Mitos modelados con arcilla, polvo cósmico abandonado sobre los cabellos, negritud viajera y errante. Viento y fuego, suciedad y proliferación de imágenes y prácticas en indeterminada, en azarosa contaminación y esplendor. Una tierra que roza las pupilas, que nos duele, que nos recuerda la hermandad entre la sangre regada y aquella que hoy irriga nuestro cuerpo; una tierra a veces feliz y capaz de comer maíz bajo los lagos, de embellecer las tristes lágrimas del bosque austral, de anidar en las ásperas cavernas de un desierto increado. Una tierra cuya materialidad impura y degradada respira en cada raíz, penetrando con sus brazos en un cúmulo de raíces inacabables. Pero esta tierra también se permite besar, piel a piel, las manos alfareras de quienes la aman, de quienes la amasan. Es la tierra que oscila en el vientre invertido de la serpiente azteca; la tierra húmeda del Amazonas, la tierra sin tierra de las cimas andinas; y la tierra sobre la cual reverdece, casi al centro sin centro de Verbo América, ese árbol en cruz, ese árbol-cruz que parece invitarnos a digerir la médula de Cristo pero a escupir sus espinas. Una tierra oceánica pero finita, una tierra en reafirmación y sin dudas, como la tangibilidad de los dioses metálicos caídos a sus pies y absorbidos por ella, justamente, tras haber sido puesta en duda, tras haber sido puesta en venta, hasta hoy.

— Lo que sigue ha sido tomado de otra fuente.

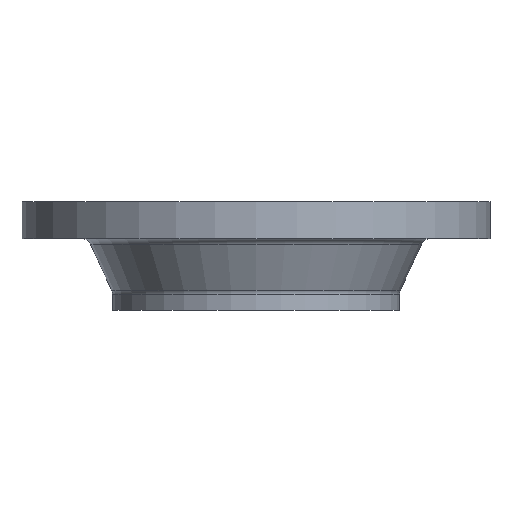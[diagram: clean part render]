
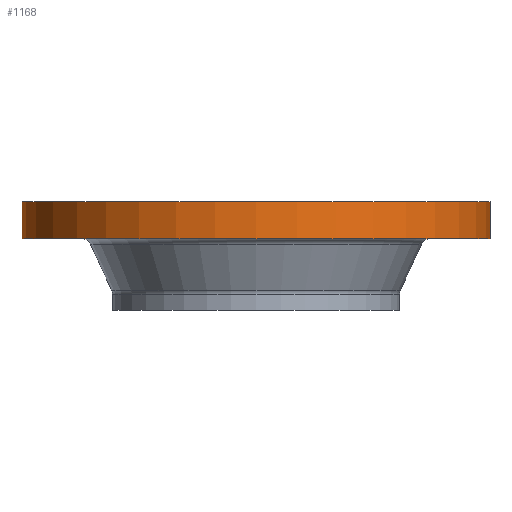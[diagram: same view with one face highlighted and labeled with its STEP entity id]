
A CAD part, front view. The second image highlights one B-rep face of the part: STEP entity #1168.
In plain terms, the highlighted cylindrical face has radius 290 mm (diameter 580 mm), a partial arc.
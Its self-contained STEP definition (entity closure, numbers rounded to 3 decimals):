
#26 = AXIS2_PLACEMENT_3D ( 'NONE', #446, #445, #442 ) ;
#187 = CARTESIAN_POINT ( 'NONE',  ( -290., 0., 0. ) ) ;
#215 = CARTESIAN_POINT ( 'NONE',  ( 290., 0., 0. ) ) ;
#240 = CARTESIAN_POINT ( 'NONE',  ( 290., 0., -46. ) ) ;
#243 = CARTESIAN_POINT ( 'NONE',  ( -290., 0., -46. ) ) ;
#276 = VECTOR ( 'NONE', #831, 1000. ) ;
#278 = CIRCLE ( 'NONE', #1158, 290. ) ;
#308 = DIRECTION ( 'NONE',  ( 1., 0., 0. ) ) ;
#310 = CARTESIAN_POINT ( 'NONE',  ( -290., 0., -135. ) ) ;
#312 = LINE ( 'NONE', #310, #1541 ) ;
#406 = EDGE_CURVE ( 'NONE', #1413, #1431, #833, .T. ) ;
#442 = DIRECTION ( 'NONE',  ( 1., 0., 0. ) ) ;
#445 = DIRECTION ( 'NONE',  ( 0., 0., 1. ) ) ;
#446 = CARTESIAN_POINT ( 'NONE',  ( 0., 0., 0. ) ) ;
#506 = DIRECTION ( 'NONE',  ( 1., 0., 0. ) ) ;
#507 = DIRECTION ( 'NONE',  ( 0., 0., 1. ) ) ;
#508 = CARTESIAN_POINT ( 'NONE',  ( 0., 0., -135. ) ) ;
#509 = CYLINDRICAL_SURFACE ( 'NONE', #1180, 290. ) ;
#510 = FACE_OUTER_BOUND ( 'NONE', #1203, .T. ) ;
#827 = CIRCLE ( 'NONE', #26, 290. ) ;
#831 = DIRECTION ( 'NONE',  ( 0., 0., 1. ) ) ;
#832 = CARTESIAN_POINT ( 'NONE',  ( 290., 0., -135. ) ) ;
#833 = LINE ( 'NONE', #832, #276 ) ;
#884 = DIRECTION ( 'NONE',  ( 0., 0., 1. ) ) ;
#885 = CARTESIAN_POINT ( 'NONE',  ( 0., 0., -46. ) ) ;
#886 = DIRECTION ( 'NONE',  ( 0., 0., 1. ) ) ;
#1158 = AXIS2_PLACEMENT_3D ( 'NONE', #885, #884, #308 ) ;
#1168 = ADVANCED_FACE ( 'NONE', ( #510 ), #509, .T. ) ;
#1180 = AXIS2_PLACEMENT_3D ( 'NONE', #508, #507, #506 ) ;
#1203 = EDGE_LOOP ( 'NONE', ( #1278, #1279, #1280, #1281 ) ) ;
#1247 = EDGE_CURVE ( 'NONE', #1461, #1431, #827, .T. ) ;
#1278 = ORIENTED_EDGE ( 'NONE', *, *, #1374, .F. ) ;
#1279 = ORIENTED_EDGE ( 'NONE', *, *, #1375, .T. ) ;
#1280 = ORIENTED_EDGE ( 'NONE', *, *, #406, .T. ) ;
#1281 = ORIENTED_EDGE ( 'NONE', *, *, #1247, .F. ) ;
#1374 = EDGE_CURVE ( 'NONE', #1406, #1461, #312, .T. ) ;
#1375 = EDGE_CURVE ( 'NONE', #1406, #1413, #278, .T. ) ;
#1406 = VERTEX_POINT ( 'NONE', #243 ) ;
#1413 = VERTEX_POINT ( 'NONE', #240 ) ;
#1431 = VERTEX_POINT ( 'NONE', #215 ) ;
#1461 = VERTEX_POINT ( 'NONE', #187 ) ;
#1541 = VECTOR ( 'NONE', #886, 1000. ) ;

Exenta de totalidad y afanes de conquista, la tierra americana, contra toda su historia, parece desearse a sí misma sin acumulación ni explotación, abrazada por el océano y el universo, palpitando en la abertura doliente y mágica de este Verbo América. Verbo inconjugable que, de llegar a conjugarse, sólo podrá hacerse en con-vivencia con todos los pueblos oprimidos: en el acto de levantar la cabeza y mirar lo otro en lo mismo: la “potencia común” que prima por sobre la “cuestión pública”, el con-vivir bastardo capaz de dinamizar cualquier arquitectura republicana.